(Try it) Restrict the output to the lines below starting at the one that contains "#300=PLANE('',#479);" and ending at the one that contains "#682=ORIENTED_EDGE('',*,*,#1197,.T.);", and restate them word for word, both ends included.

(Data for review)
......
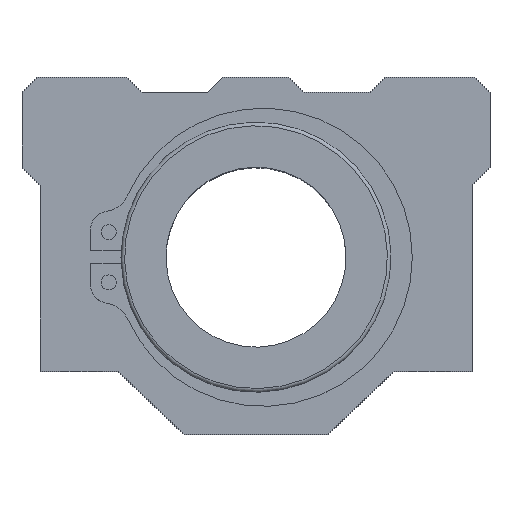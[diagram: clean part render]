
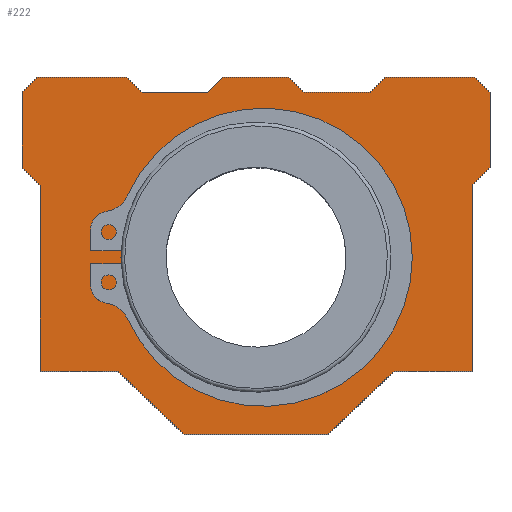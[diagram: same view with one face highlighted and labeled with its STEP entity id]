
A CAD part, top view. The second image highlights one B-rep face of the part: STEP entity #222.
In plain terms, the highlighted planar face has unit normal (0, 0, 1).
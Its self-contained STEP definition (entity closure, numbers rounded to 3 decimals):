
#222=ADVANCED_FACE('',(#298,#299),#300,.T.);
#298=FACE_OUTER_BOUND('',#477,.T.);
#299=FACE_BOUND('',#478,.T.);
#300=PLANE('',#479);
#477=EDGE_LOOP('',(#668,#669,#670,#671,#672,#673,#674,#675,#676,#677,#678,#679,#680,#681,#682,#683,#684,#685,#686,#687,#688,#689));
#478=EDGE_LOOP('',(#690));
#479=AXIS2_PLACEMENT_3D('',#691,#692,#693);
#668=ORIENTED_EDGE('',*,*,#1183,.T.);
#669=ORIENTED_EDGE('',*,*,#1184,.T.);
#670=ORIENTED_EDGE('',*,*,#1185,.T.);
#671=ORIENTED_EDGE('',*,*,#1186,.T.);
#672=ORIENTED_EDGE('',*,*,#1187,.T.);
#673=ORIENTED_EDGE('',*,*,#1188,.T.);
#674=ORIENTED_EDGE('',*,*,#1189,.T.);
#675=ORIENTED_EDGE('',*,*,#1190,.T.);
#676=ORIENTED_EDGE('',*,*,#1191,.T.);
#677=ORIENTED_EDGE('',*,*,#1192,.T.);
#678=ORIENTED_EDGE('',*,*,#1193,.T.);
#679=ORIENTED_EDGE('',*,*,#1194,.T.);
#680=ORIENTED_EDGE('',*,*,#1195,.T.);
#681=ORIENTED_EDGE('',*,*,#1196,.T.);
#682=ORIENTED_EDGE('',*,*,#1197,.T.);
#683=ORIENTED_EDGE('',*,*,#1198,.T.);
#684=ORIENTED_EDGE('',*,*,#1199,.T.);
#685=ORIENTED_EDGE('',*,*,#1200,.T.);
#686=ORIENTED_EDGE('',*,*,#1201,.T.);
#687=ORIENTED_EDGE('',*,*,#1202,.T.);
#688=ORIENTED_EDGE('',*,*,#1181,.T.);
#689=ORIENTED_EDGE('',*,*,#1176,.T.);
#690=ORIENTED_EDGE('',*,*,#1178,.T.);
#691=CARTESIAN_POINT('',(-29.0,37.5,20.45));
#692=DIRECTION('',(0.0,-0.0,1.0));
#693=DIRECTION('',(0.0,1.0,0.0));
#1176=EDGE_CURVE('',#1335,#1333,#1336,.T.);
#1178=EDGE_CURVE('',#1338,#1338,#1339,.F.);
#1181=EDGE_CURVE('',#1344,#1335,#1345,.T.);
#1183=EDGE_CURVE('',#1333,#1347,#1348,.T.);
#1184=EDGE_CURVE('',#1347,#1349,#1350,.T.);
#1185=EDGE_CURVE('',#1349,#1351,#1352,.T.);
#1186=EDGE_CURVE('',#1351,#1353,#1354,.T.);
#1187=EDGE_CURVE('',#1353,#1355,#1356,.T.);
#1188=EDGE_CURVE('',#1355,#1357,#1358,.T.);
#1189=EDGE_CURVE('',#1357,#1359,#1360,.T.);
#1190=EDGE_CURVE('',#1359,#1361,#1362,.T.);
#1191=EDGE_CURVE('',#1361,#1363,#1364,.T.);
#1192=EDGE_CURVE('',#1363,#1365,#1366,.T.);
#1193=EDGE_CURVE('',#1365,#1367,#1368,.T.);
#1194=EDGE_CURVE('',#1367,#1369,#1370,.T.);
#1195=EDGE_CURVE('',#1369,#1371,#1372,.T.);
#1196=EDGE_CURVE('',#1371,#1373,#1374,.T.);
#1197=EDGE_CURVE('',#1373,#1375,#1376,.T.);
#1198=EDGE_CURVE('',#1375,#1377,#1378,.T.);
#1199=EDGE_CURVE('',#1377,#1379,#1380,.T.);
#1200=EDGE_CURVE('',#1379,#1381,#1382,.T.);
#1201=EDGE_CURVE('',#1381,#1383,#1384,.T.);
#1202=EDGE_CURVE('',#1383,#1344,#1385,.T.);
#1333=VERTEX_POINT('',#1604);
#1335=VERTEX_POINT('',#1607);
#1336=LINE('',#1608,#1609);
#1338=VERTEX_POINT('',#1612);
#1339=CIRCLE('',#1613,22.5);
#1344=VERTEX_POINT('',#1619);
#1345=LINE('',#1620,#1621);
#1347=VERTEX_POINT('',#1624);
#1348=LINE('',#1625,#1626);
#1349=VERTEX_POINT('',#1627);
#1350=LINE('',#1628,#1629);
#1351=VERTEX_POINT('',#1630);
#1352=LINE('',#1631,#1632);
#1353=VERTEX_POINT('',#1633);
#1354=LINE('',#1634,#1635);
#1355=VERTEX_POINT('',#1636);
#1356=LINE('',#1637,#1638);
#1357=VERTEX_POINT('',#1639);
#1358=LINE('',#1640,#1641);
#1359=VERTEX_POINT('',#1642);
#1360=LINE('',#1643,#1644);
#1361=VERTEX_POINT('',#1645);
#1362=LINE('',#1646,#1647);
#1363=VERTEX_POINT('',#1648);
#1364=LINE('',#1649,#1650);
#1365=VERTEX_POINT('',#1651);
#1366=LINE('',#1652,#1653);
#1367=VERTEX_POINT('',#1654);
#1368=LINE('',#1655,#1656);
#1369=VERTEX_POINT('',#1657);
#1370=LINE('',#1658,#1659);
#1371=VERTEX_POINT('',#1660);
#1372=LINE('',#1661,#1662);
#1373=VERTEX_POINT('',#1663);
#1374=LINE('',#1664,#1665);
#1375=VERTEX_POINT('',#1666);
#1376=LINE('',#1667,#1668);
#1377=VERTEX_POINT('',#1669);
#1378=LINE('',#1670,#1671);
#1379=VERTEX_POINT('',#1672);
#1380=LINE('',#1673,#1674);
#1381=VERTEX_POINT('',#1675);
#1382=LINE('',#1676,#1677);
#1383=VERTEX_POINT('',#1678);
#1384=LINE('',#1679,#1680);
#1385=LINE('',#1681,#1682);
#1604=CARTESIAN_POINT('',(-19.0,27.5,20.45));
#1607=CARTESIAN_POINT('',(-8.,27.5,20.45));
#1608=CARTESIAN_POINT('',(-8.,27.5,20.45));
#1609=VECTOR('',#1974,1.0);
#1612=CARTESIAN_POINT('',(22.5,0.,20.45));
#1613=AXIS2_PLACEMENT_3D('',#1976,#1977,#1978);
#1619=CARTESIAN_POINT('',(-5.5,30.0,20.45));
#1620=CARTESIAN_POINT('',(-5.5,30.0,20.45));
#1621=VECTOR('',#1983,1.0);
#1624=CARTESIAN_POINT('',(-21.5,30.0,20.45));
#1625=CARTESIAN_POINT('',(-19.0,27.5,20.45));
#1626=VECTOR('',#1985,1.0);
#1627=CARTESIAN_POINT('',(-36.5,30.0,20.45));
#1628=CARTESIAN_POINT('',(-21.5,30.0,20.45));
#1629=VECTOR('',#1986,1.0);
#1630=CARTESIAN_POINT('',(-39.0,27.5,20.45));
#1631=CARTESIAN_POINT('',(-36.5,30.0,20.45));
#1632=VECTOR('',#1987,1.0);
#1633=CARTESIAN_POINT('',(-39.0,15.0,20.45));
#1634=CARTESIAN_POINT('',(-39.0,27.5,20.45));
#1635=VECTOR('',#1988,1.0);
#1636=CARTESIAN_POINT('',(-36.0,12.0,20.45));
#1637=CARTESIAN_POINT('',(-39.0,15.0,20.45));
#1638=VECTOR('',#1989,1.0);
#1639=CARTESIAN_POINT('',(-36.0,-19.0,20.45));
#1640=CARTESIAN_POINT('',(-36.0,12.0,20.45));
#1641=VECTOR('',#1990,1.0);
#1642=CARTESIAN_POINT('',(-23.0,-19.0,20.45));
#1643=CARTESIAN_POINT('',(-36.0,-19.0,20.45));
#1644=VECTOR('',#1991,1.0);
#1645=CARTESIAN_POINT('',(-12.0,-29.5,20.45));
#1646=CARTESIAN_POINT('',(-23.0,-19.0,20.45));
#1647=VECTOR('',#1992,1.0);
#1648=CARTESIAN_POINT('',(12.0,-29.5,20.45));
#1649=CARTESIAN_POINT('',(-12.0,-29.5,20.45));
#1650=VECTOR('',#1993,1.0);
#1651=CARTESIAN_POINT('',(23.0,-19.0,20.45));
#1652=CARTESIAN_POINT('',(12.0,-29.5,20.45));
#1653=VECTOR('',#1994,1.0);
#1654=CARTESIAN_POINT('',(36.0,-19.0,20.45));
#1655=CARTESIAN_POINT('',(23.0,-19.0,20.45));
#1656=VECTOR('',#1995,1.0);
#1657=CARTESIAN_POINT('',(36.0,12.0,20.45));
#1658=CARTESIAN_POINT('',(36.0,-19.0,20.45));
#1659=VECTOR('',#1996,1.0);
#1660=CARTESIAN_POINT('',(39.0,15.0,20.45));
#1661=CARTESIAN_POINT('',(36.0,12.0,20.45));
#1662=VECTOR('',#1997,1.0);
#1663=CARTESIAN_POINT('',(39.0,27.5,20.45));
#1664=CARTESIAN_POINT('',(39.0,15.0,20.45));
#1665=VECTOR('',#1998,1.0);
#1666=CARTESIAN_POINT('',(36.5,30.0,20.45));
#1667=CARTESIAN_POINT('',(39.0,27.5,20.45));
#1668=VECTOR('',#1999,1.0);
#1669=CARTESIAN_POINT('',(21.5,30.0,20.45));
#1670=CARTESIAN_POINT('',(36.5,30.0,20.45));
#1671=VECTOR('',#2000,1.0);
#1672=CARTESIAN_POINT('',(19.0,27.5,20.45));
#1673=CARTESIAN_POINT('',(21.5,30.0,20.45));
#1674=VECTOR('',#2001,1.0);
#1675=CARTESIAN_POINT('',(8.0,27.5,20.45));
#1676=CARTESIAN_POINT('',(19.0,27.5,20.45));
#1677=VECTOR('',#2002,1.0);
#1678=CARTESIAN_POINT('',(5.5,30.0,20.45));
#1679=CARTESIAN_POINT('',(8.0,27.5,20.45));
#1680=VECTOR('',#2003,1.0);
#1681=CARTESIAN_POINT('',(5.5,30.0,20.45));
#1682=VECTOR('',#2004,1.0);
#1974=DIRECTION('',(-1.0,0.0,0.0));
#1976=CARTESIAN_POINT('',(0.0,0.0,20.45));
#1977=DIRECTION('',(0.0,0.0,1.0));
#1978=DIRECTION('',(1.0,0.0,0.0));
#1983=DIRECTION('',(-0.707,-0.707,0.0));
#1985=DIRECTION('',(-0.707,0.707,0.0));
#1986=DIRECTION('',(-1.0,0.0,0.0));
#1987=DIRECTION('',(-0.707,-0.707,0.0));
#1988=DIRECTION('',(0.0,-1.0,0.0));
#1989=DIRECTION('',(0.707,-0.707,0.0));
#1990=DIRECTION('',(0.0,-1.0,0.0));
#1991=DIRECTION('',(1.0,0.0,0.0));
#1992=DIRECTION('',(0.723,-0.69,0.0));
#1993=DIRECTION('',(1.0,0.0,0.0));
#1994=DIRECTION('',(0.723,0.69,0.0));
#1995=DIRECTION('',(1.0,0.0,0.0));
#1996=DIRECTION('',(0.0,1.0,0.0));
#1997=DIRECTION('',(0.707,0.707,0.0));
#1998=DIRECTION('',(0.0,1.0,0.0));
#1999=DIRECTION('',(-0.707,0.707,0.0));
#2000=DIRECTION('',(-1.0,0.0,0.0));
#2001=DIRECTION('',(-0.707,-0.707,0.0));
#2002=DIRECTION('',(-1.0,0.0,0.0));
#2003=DIRECTION('',(-0.707,0.707,0.0));
#2004=DIRECTION('',(-1.0,0.0,0.0));
......
(Answer section)
#300=PLANE('',#479);
#477=EDGE_LOOP('',(#668,#669,#670,#671,#672,#673,#674,#675,#676,#677,#678,#679,#680,#681,#682,#683,#684,#685,#686,#687,#688,#689));
#478=EDGE_LOOP('',(#690));
#479=AXIS2_PLACEMENT_3D('',#691,#692,#693);
#668=ORIENTED_EDGE('',*,*,#1183,.T.);
#669=ORIENTED_EDGE('',*,*,#1184,.T.);
#670=ORIENTED_EDGE('',*,*,#1185,.T.);
#671=ORIENTED_EDGE('',*,*,#1186,.T.);
#672=ORIENTED_EDGE('',*,*,#1187,.T.);
#673=ORIENTED_EDGE('',*,*,#1188,.T.);
#674=ORIENTED_EDGE('',*,*,#1189,.T.);
#675=ORIENTED_EDGE('',*,*,#1190,.T.);
#676=ORIENTED_EDGE('',*,*,#1191,.T.);
#677=ORIENTED_EDGE('',*,*,#1192,.T.);
#678=ORIENTED_EDGE('',*,*,#1193,.T.);
#679=ORIENTED_EDGE('',*,*,#1194,.T.);
#680=ORIENTED_EDGE('',*,*,#1195,.T.);
#681=ORIENTED_EDGE('',*,*,#1196,.T.);
#682=ORIENTED_EDGE('',*,*,#1197,.T.);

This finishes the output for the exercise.